Australia charity and church worker (1871 – 1943)

Rosa Sibella Walton Macarthur-Onslow CBE (4 June 1871 – 16 July 1943) was an Australian charity and church worker. She inherited and managed Camden Park in New South Wales. Guests at the house included the Duke and Duchess of York.

==Life==
Macarthur-Onslow was born in 1871 at Camden Park which was her family's 20,000 acre estate. Her parents were Elizabeth ( Macarthur) and Captain Arthur Alexander Walton Onslow, R.N. who became a member of parliament. While her brothers were sent to private schools in Australia and Britain for their education, she was taught by a German tutor and her mother. Her father died in 1882 and her mother took over the management of the estate. Macarthur-Onslow would organise frequent musical evenings at Camden Park which were led by Emmeline Woolley and Ethel Charlotte Pedley.

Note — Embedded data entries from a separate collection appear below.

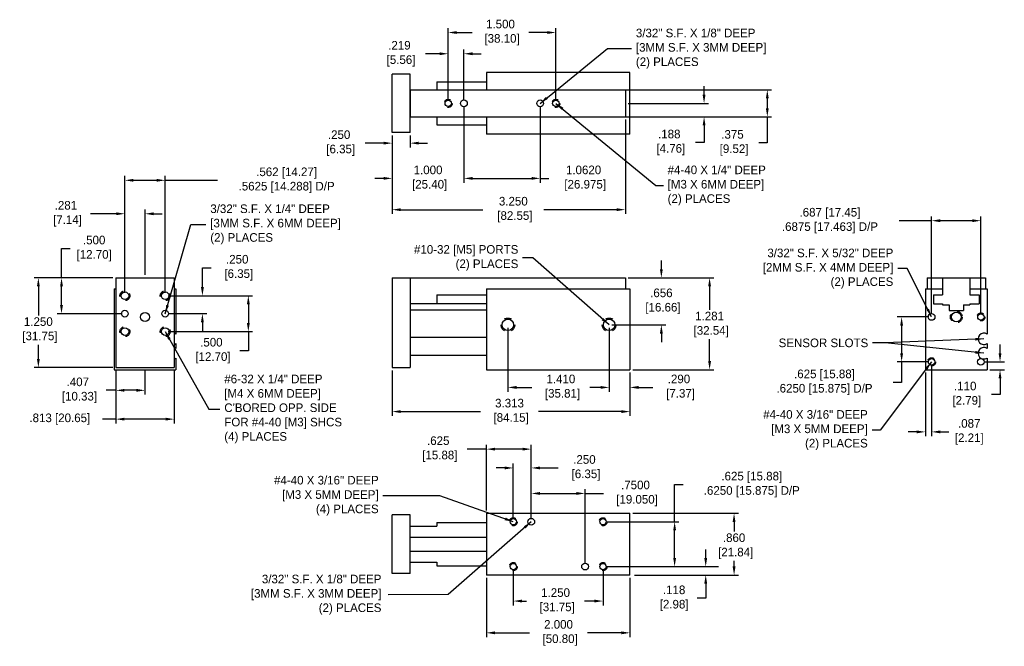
# Model space of a CAD drawing. Extents: x 0.4 to 14.2, y 1.3 to 10.
import ezdxf

# ---------------------------------------------------------------- set-up
doc = ezdxf.new("R2010")
doc.units = 0
doc.header["$MEASUREMENT"] = 0
doc.linetypes.add('DASHED', pattern=[0.75, 0.5, -0.25])
doc.layers.get('0').update_dxf_attribs({"linetype": 'CONTINUOUS'})
doc.layers.get('DEFPOINTS').update_dxf_attribs({"linetype": 'CONTINUOUS'})
doc.dimstyles.new('British [M]', dxfattribs={"dimtxt": 0.12, "dimasz": 0.12, "dimexe": 0.06, "dimexo": 0.04, "dimgap": 0.045, "dimtad": 0, "dimtih": 1, "dimtoh": 1, "dimdec": 3, "dimzin": 4, "dimdsep": 46, "dimtxsty": 'Standard', "dimcen": 0.09, "dimadec": 0, "dimazin": 0, "dimtfac": 1, "dimtdec": 3, "dimtofl": 0, "dimtmove": 0, "dimatfit": 3, "dimfxl": 1, "dimtolj": 1, "dimtzin": 0, "dimarcsym": 0})
doc.dimstyles.new('STANDARD_WS', dxfattribs={"dimtxt": 0.18, "dimasz": 0.18, "dimexe": 0.18, "dimexo": 0.0625, "dimgap": 0.09, "dimtad": 0, "dimtih": 1, "dimtoh": 1, "dimdec": 4, "dimzin": 0, "dimdsep": 46, "dimtxsty": 'Standard', "dimcen": 0.09, "dimadec": 0, "dimazin": 0, "dimtfac": 1, "dimtdec": 4, "dimtofl": 0, "dimtmove": 0, "dimatfit": 3, "dimfxl": 1, "dimtolj": 1, "dimtzin": 0, "dimarcsym": 0})

# ---------------------------------------------------------------- blocks, each defined once
blk = doc.blocks.new('*D5')
at = {"color": 0, "linetype": 'ByBlock'}
for p, q in [((5.634, 5.106), (5.634, 4.472)), ((8.947, 5.075), (8.947, 4.472)), ((5.754, 4.532), (6.864, 4.532)), ((8.827, 4.532), (7.674, 4.532))]:
    blk.add_line(p, q, dxfattribs=at)
for points in [[(5.754, 4.552), (5.754, 4.512), (5.634, 4.532)], [(8.827, 4.552), (8.827, 4.512), (8.947, 4.532)]]:
    blk.add_solid(points, dxfattribs=at)
at = {"layer": 'DEFPOINTS', "color": 0, "linetype": 'ByBlock'}
for p in [(5.634, 5.146), (8.947, 5.115), (8.947, 4.532)]:
    blk.add_point(p, dxfattribs=at)
at = {"color": 0, "linetype": 'ByBlock', "insert": (7.269, 4.532), "char_height": 0.12, "attachment_point": 5}
blk.add_mtext('\\A1;3.313\\P [84.15]', dxfattribs=at)
blk = doc.blocks.new('*D6')
at = {"color": 0, "linetype": 'ByBlock'}
for p, q in [((7.247, 5.7), (7.247, 4.809)), ((8.657, 5.7), (8.657, 4.809)), ((7.367, 4.869), (7.58, 4.869)), ((8.537, 4.869), (8.39, 4.869))]:
    blk.add_line(p, q, dxfattribs=at)
for points in [[(7.367, 4.889), (7.367, 4.849), (7.247, 4.869)], [(8.537, 4.889), (8.537, 4.849), (8.657, 4.869)]]:
    blk.add_solid(points, dxfattribs=at)
at = {"layer": 'DEFPOINTS', "color": 0, "linetype": 'ByBlock'}
for p in [(7.247, 5.74), (8.657, 5.74), (8.657, 4.869)]:
    blk.add_point(p, dxfattribs=at)
at = {"color": 0, "linetype": 'ByBlock', "insert": (7.985, 4.869), "char_height": 0.12, "attachment_point": 5}
blk.add_mtext('\\A1;1.410\\P [35.81]', dxfattribs=at)
blk = doc.blocks.new('*D7')
at = {"color": 0, "linetype": 'ByBlock'}
for p, q in [((8.657, 5.7), (8.657, 4.809)), ((8.947, 5.075), (8.947, 4.809)), ((8.537, 4.869), (8.417, 4.869)), ((9.067, 4.869), (9.265, 4.869))]:
    blk.add_line(p, q, dxfattribs=at)
for points in [[(8.537, 4.889), (8.537, 4.849), (8.657, 4.869)], [(9.067, 4.889), (9.067, 4.849), (8.947, 4.869)]]:
    blk.add_solid(points, dxfattribs=at)
at = {"layer": 'DEFPOINTS', "color": 0, "linetype": 'ByBlock'}
for p in [(8.657, 5.74), (8.947, 5.115), (8.947, 4.869)]:
    blk.add_point(p, dxfattribs=at)
at = {"color": 0, "linetype": 'ByBlock', "insert": (9.63, 4.869), "char_height": 0.12, "attachment_point": 5}
blk.add_mtext('\\A1;.290\\P [7.37]', dxfattribs=at)
blk = doc.blocks.new('*D8')
at = {"color": 0, "linetype": 'ByBlock'}
for p, q in [((7.202, 3.747), (7.082, 3.747)), ((7.322, 3.038), (7.322, 3.807)), ((7.572, 3.038), (7.572, 3.807)), ((7.692, 3.747), (7.948, 3.747))]:
    blk.add_line(p, q, dxfattribs=at)
for points in [[(7.202, 3.767), (7.202, 3.727), (7.322, 3.747)], [(7.692, 3.767), (7.692, 3.727), (7.572, 3.747)]]:
    blk.add_solid(points, dxfattribs=at)
at = {"layer": 'DEFPOINTS', "color": 0, "linetype": 'ByBlock'}
for p in [(7.322, 3.747), (7.322, 2.998), (7.572, 2.998)]:
    blk.add_point(p, dxfattribs=at)
at = {"color": 0, "linetype": 'ByBlock', "insert": (8.313, 3.747), "char_height": 0.12, "attachment_point": 5}
blk.add_mtext('\\A1;.250\\P [6.35]', dxfattribs=at)
blk = doc.blocks.new('*D9')
at = {"color": 0, "linetype": 'ByBlock'}
for p, q in [((6.947, 4.009), (6.681, 4.009)), ((6.947, 3.155), (6.947, 4.069)), ((7.452, 4.009), (7.067, 4.009)), ((7.572, 3.038), (7.572, 4.069))]:
    blk.add_line(p, q, dxfattribs=at)
for points in [[(7.067, 4.029), (7.067, 3.989), (6.947, 4.009)], [(7.452, 4.029), (7.452, 3.989), (7.572, 4.009)]]:
    blk.add_solid(points, dxfattribs=at)
at = {"layer": 'DEFPOINTS', "color": 0, "linetype": 'ByBlock'}
for p in [(6.947, 4.009), (6.947, 3.115), (7.572, 2.998)]:
    blk.add_point(p, dxfattribs=at)
at = {"color": 0, "linetype": 'ByBlock', "insert": (6.276, 4.009), "char_height": 0.12, "attachment_point": 5}
blk.add_mtext('\\A1;.625\\P [15.88]', dxfattribs=at)
blk = doc.blocks.new('*D10')
at = {"color": 0, "lineweight": -2}
for p, q in [((7.322, 2.333), (7.322, 1.833)), ((8.572, 2.333), (8.572, 1.833)), ((7.442, 1.893), (7.506, 1.893)), ((8.452, 1.893), (8.316, 1.893))]:
    blk.add_line(p, q, dxfattribs=at)
at = {"color": 0}
for points in [[(7.442, 1.913), (7.442, 1.873), (7.322, 1.893)], [(8.452, 1.913), (8.452, 1.873), (8.572, 1.893)]]:
    blk.add_solid(points, dxfattribs=at)
at = {"layer": 'DEFPOINTS', "color": 0}
for p in [(7.322, 2.373), (8.572, 2.373), (8.572, 1.893)]:
    blk.add_point(p, dxfattribs=at)
at = {"color": 0, "insert": (7.911, 1.893), "char_height": 0.12, "attachment_point": 5}
blk.add_mtext('\\A1;1.250\\P [31.75]', dxfattribs=at)
blk = doc.blocks.new('*D11')
at = {"color": 0, "lineweight": -2}
for p, q in [((6.947, 2.215), (6.947, 1.39)), ((8.947, 2.215), (8.947, 1.39)), ((7.067, 1.45), (7.547, 1.45)), ((8.827, 1.45), (8.357, 1.45))]:
    blk.add_line(p, q, dxfattribs=at)
at = {"color": 0}
for points in [[(7.067, 1.47), (7.067, 1.43), (6.947, 1.45)], [(8.827, 1.47), (8.827, 1.43), (8.947, 1.45)]]:
    blk.add_solid(points, dxfattribs=at)
at = {"layer": 'DEFPOINTS', "color": 0}
for p in [(6.947, 2.255), (8.947, 2.255), (8.947, 1.45)]:
    blk.add_point(p, dxfattribs=at)
at = {"color": 0, "insert": (7.952, 1.45), "char_height": 0.12, "attachment_point": 5}
blk.add_mtext('\\A1;2.000\\P [50.80]', dxfattribs=at)
blk = doc.blocks.new('*D12')
at = {"color": 0, "lineweight": -2}
for p, q in [((8.987, 3.115), (10.458, 3.115)), ((10.398, 2.995), (10.398, 2.862)), ((10.398, 2.375), (10.398, 2.452)), ((9.987, 2.255), (10.458, 2.255))]:
    blk.add_line(p, q, dxfattribs=at)
at = {"color": 0}
for points in [[(10.378, 2.995), (10.418, 2.995), (10.398, 3.115)], [(10.378, 2.375), (10.418, 2.375), (10.398, 2.255)]]:
    blk.add_solid(points, dxfattribs=at)
at = {"layer": 'DEFPOINTS', "color": 0}
for p in [(8.947, 3.115), (9.947, 2.255), (10.398, 2.255)]:
    blk.add_point(p, dxfattribs=at)
at = {"color": 0, "insert": (10.398, 2.657), "char_height": 0.12, "attachment_point": 5}
blk.add_mtext('\\A1;.860\\P [21.84]', dxfattribs=at)
blk = doc.blocks.new('*D13')
at = {"color": 0, "lineweight": -2}
for p, q in [((10.003, 2.493), (10.003, 2.613)), ((8.634, 2.373), (10.183, 2.373)), ((9.009, 2.255), (10.183, 2.255)), ((10.003, 2.135), (10.003, 1.931)), ((10.003, 1.931), (9.883, 1.931))]:
    blk.add_line(p, q, dxfattribs=at)
at = {"color": 0}
for points in [[(9.983, 2.493), (10.023, 2.493), (10.003, 2.373)], [(9.983, 2.135), (10.023, 2.135), (10.003, 2.255)]]:
    blk.add_solid(points, dxfattribs=at)
at = {"layer": 'DEFPOINTS', "color": 0}
for p in [(8.572, 2.373), (8.947, 2.255), (10.003, 2.255)]:
    blk.add_point(p, dxfattribs=at)
at = {"color": 0, "insert": (9.563, 1.931), "char_height": 0.12, "attachment_point": 5}
blk.add_mtext('\\A1;.118\\P[2.98]', dxfattribs=at)
blk = doc.blocks.new('*D14')
at = {"color": 0, "lineweight": -2}
for p, q in [((9.385, 6.516), (9.385, 6.636)), ((8.924, 6.396), (9.445, 6.396)), ((8.697, 5.74), (9.445, 5.74)), ((9.385, 5.62), (9.385, 5.5))]:
    blk.add_line(p, q, dxfattribs=at)
at = {"color": 0}
for points in [[(9.365, 6.516), (9.405, 6.516), (9.385, 6.396)], [(9.365, 5.62), (9.405, 5.62), (9.385, 5.74)]]:
    blk.add_solid(points, dxfattribs=at)
at = {"layer": 'DEFPOINTS', "color": 0}
for p in [(8.884, 6.396), (8.657, 5.74), (9.385, 5.74)]:
    blk.add_point(p, dxfattribs=at)
at = {"color": 0, "insert": (9.385, 6.068), "char_height": 0.12, "attachment_point": 5}
blk.add_mtext('\\A1;.656\\P [16.66]', dxfattribs=at)
blk = doc.blocks.new('*D15')
at = {"color": 0, "lineweight": -2}
for p, q in [((8.924, 6.396), (10.117, 6.396)), ((10.057, 6.276), (10.057, 5.95)), ((10.057, 5.235), (10.057, 5.54)), ((8.987, 5.115), (10.117, 5.115))]:
    blk.add_line(p, q, dxfattribs=at)
at = {"color": 0}
for points in [[(10.037, 6.276), (10.077, 6.276), (10.057, 6.396)], [(10.037, 5.235), (10.077, 5.235), (10.057, 5.115)]]:
    blk.add_solid(points, dxfattribs=at)
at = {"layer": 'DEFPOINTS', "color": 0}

Her mother's father had helped to establish the Australian wool industry. Her mother was the end of her father's line. In 1892, a Royal license was obtained to allow her mother and her children to take the surname Macarthur-Onslow.

When her mother died, she did not leave the care of the estate to her son but to Macarthur-Onslow. She was given the house and nearly 1,000 acres as an estate and a lump sum of £20,000 to keep Camden Park maintained. Guests at the house included the Duke and Duchess of York in 1927. When Hardy Wilson published his illustrated Old Colonial Architecture in New South Wales and Tasmania in 1924 which recorded some of the great houses of Australia, Macarthur-Onslow was disappointed to find that Camden House had not been included.

In the New Years Honours list of 1930 she became a CBE. A reception in her honour attracted many VIPs including NSW Premier Thomas Bavin. In 1931, she decided to exchange houses with her brother James William MacArthur-Onslow. Camden House had only been given to her for her lifetime and she knew that her mother had been very keen to see the house remain in the family. He came to live at Camden House and she went to live nearby at Gilbulla.

Macarthur-Onslow died in 1943 in the parish of Menangle.

==Publications==
In 1914 she published "Some Early Records of the Macarthurs of Camden". This was a work that her mother has nearly finished and Sibella completed, edited, and published it.